# Cinch-Doppelstecker/Adapter erhältlich?



## Wallmersbacher (6. Dezember 2009)

Tagchen,

gibt es Adapter für Cinch-Stecker die quasi 1 einsteckbaren Eingang und 2 einsteckbare Ausgänge haben?

Ich brauch also insgesamt 2+1 female Cinchbuchsen die von dem einen auf 2 kanäle gehen.

Sinn dahinter: Ich würde gerne mehr Boxen an die Soundkarte anschließen, allerdings reichen die Anschlüsse nicht aus (ich brauch verschiedene Boxensysteme, die Stecker und die Belegung wären allerdings dieselben).

Gibt's sowas überhaupt?

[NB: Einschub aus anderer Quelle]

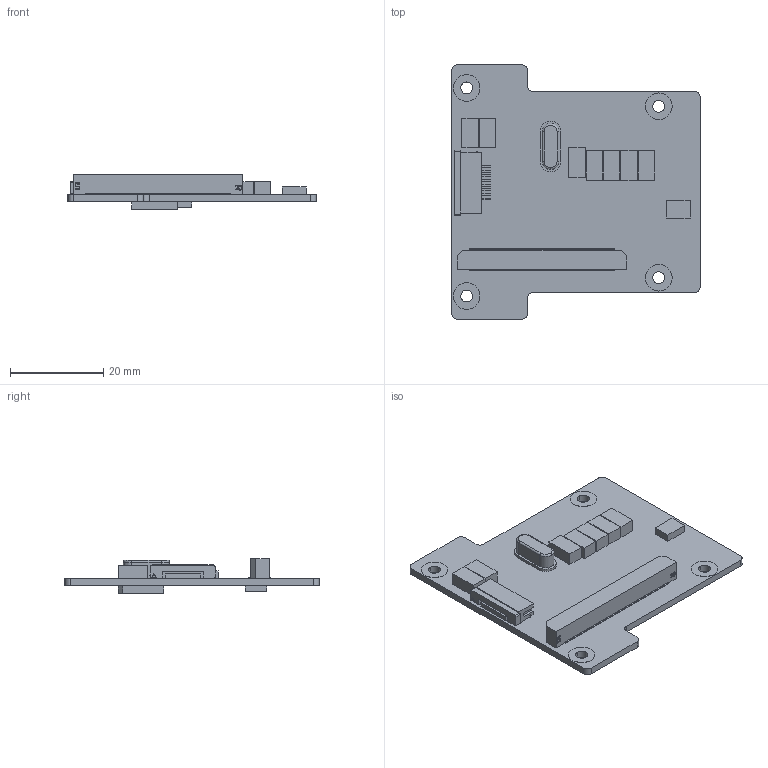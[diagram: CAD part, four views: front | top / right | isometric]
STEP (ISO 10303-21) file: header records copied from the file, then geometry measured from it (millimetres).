
FILE_DESCRIPTION (( 'STEP AP214' ), '1' );
FILE_NAME ('710-00516 Pluggable Processor Module A3 Rev B.STEP', '2017-01-23T18:09:59', ( '' ), ( '' ), 'SwSTEP 2.0', 'SolidWorks 2014', '' );
FILE_SCHEMA (( 'AUTOMOTIVE_DESIGN' ));
Length unit declared in the file: inch
Products named in the file (2): 710-00516 Pluggable Processor Module A3 Rev B
Bounding box: 53.34 x 54.61 x 7.47 mm (x, y, z)
Volume: 5396.1 mm3; surface area: 6502.5 mm2
Topology: 1 solids, 2 shells, 339 faces, 904 edges, 600 vertices
Faces by surface type: plane 239, cylinder 82, bspline 15, torus 3
Entity records: 13801 total; most frequent: CARTESIAN_POINT 3054, ORIENTED_EDGE 1808, DIRECTION 1691, EDGE_CURVE 904, LINE 705, VECTOR 705, VERTEX_POINT 600, AXIS2_PLACEMENT_3D 493

Ich kenn nur 2 female auf 1 male aber ich brauchs eben komplett in female da die normalen adapter wie beschrieben nicht genug Platz finden bei den Soundkartensteckplätzen.


----------



## ink (6. Dezember 2009)

Moin
Es gibt ja auch noch Kupplungen auf Female.
Reine Female-Adapter find ich grad nicht, aber schau mal selbst noch 

mfg


----------



## sight011 (7. Dezember 2009)

Die richtige Adresse ist hierfür Thomann - dort bekommst Du zur Not auch meterweise Kabel + Einzel Stecker, dann kannst Du es auch selber löten (kann teilweise günstiger sein ) Gruß


----------